Background: Histopathological (HPA) analysis is the gold standard for oral lesions. However, clinical diagnoses often have low agreement rates (44.1%). Artificial intelligence (AI) may offer diagnostic assistance, but its accuracy requires critical evaluation. Purpose: This study compared the diagnostic accuracy of AI models, ChatGPT and Gemini, in interpreting HPA images of oral maxillofacial lesions to the gold standard diagnosis from Oral and Maxillofacial Pathology (OMP) specialists. Methods: This analytical observational study used 54 digital HPA slides from a university research center.
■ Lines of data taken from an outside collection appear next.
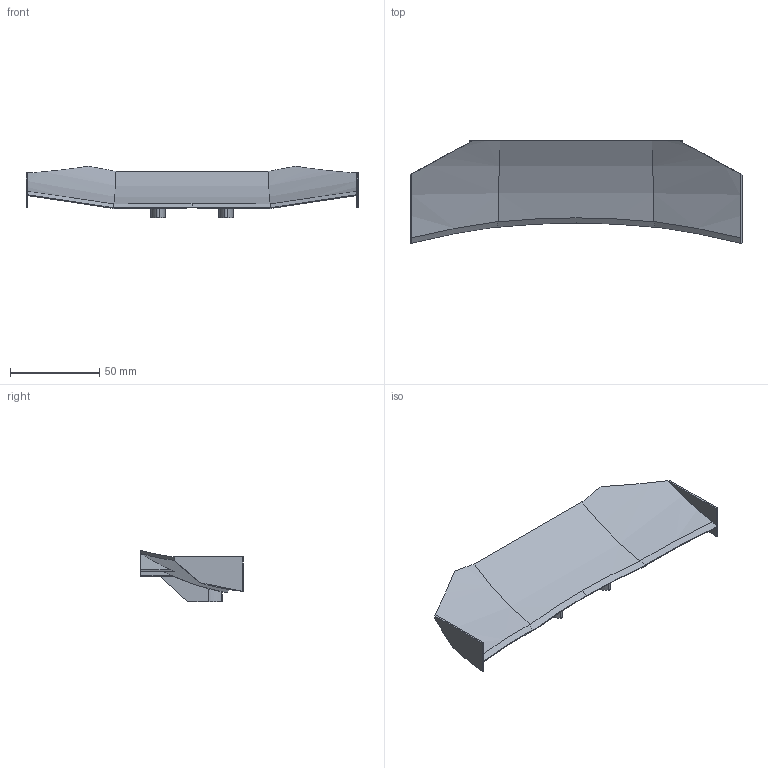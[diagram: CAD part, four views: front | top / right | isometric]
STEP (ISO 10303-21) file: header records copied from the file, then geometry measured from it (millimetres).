
FILE_DESCRIPTION(/* description */ (''),/* implementation_level */ '2;1');
FILE_NAME(/* name */ '1-12-1 Rear spoiler.step',/* time_stamp */ '2025-05-10T21:34:05+02:00',/* author */ (''),/* organization */ (''),/* preprocessor_version */ 'ST-DEVELOPER v20.1',/* originating_system */ 'Autodesk Translation Framework v14.4.0.0',/* authorisation */ '');
FILE_SCHEMA (('AUTOMOTIVE_DESIGN { 1 0 10303 214 3 1 1 }'));
Length unit declared in the file: millimetre
Products named in the file (1): 1-12-1 Rear spoiler
Bounding box: 186.2 x 57.34 x 28.92 mm (x, y, z)
Volume: 22346.9 mm3; surface area: 24262.5 mm2
Topology: 1 solids, 1 shells, 83 faces, 220 edges, 145 vertices
Faces by surface type: plane 47, cylinder 30, bspline 6
Full cylindrical faces by diameter (mm): 4.1 x4
Entity records: 3178 total; most frequent: CARTESIAN_POINT 1061, ORIENTED_EDGE 440, DIRECTION 436, EDGE_CURVE 220, AXIS2_PLACEMENT_3D 168, VERTEX_POINT 145, LINE 100, VECTOR 100

The diagnoses generated by ChatGPT and Gemini were evaluated for agreement ('Correct' or 'Incorrect') with the definitive diagnoses made by OMP specialists. Ethical approval was obtained.  Results: Gemini demonstrated a diagnostic accuracy of 74.07% (40 of 54 cases), while ChatGPT achieved 70.37% (38 of 54 cases). The most common lesions were mucoceles and dentigerous cysts. A statistically significant difference (<0.001) was observed between the accuracy of both AI models and the OMP specialist. Conclusion: AI models showed considerable ability to recognize histopathological patterns, but their accuracy was significantly lower than OMP specialists. AI is an augmentative tool for triage or learning but cannot replace the role of OMP specialists in establishing a definitive diagnosis.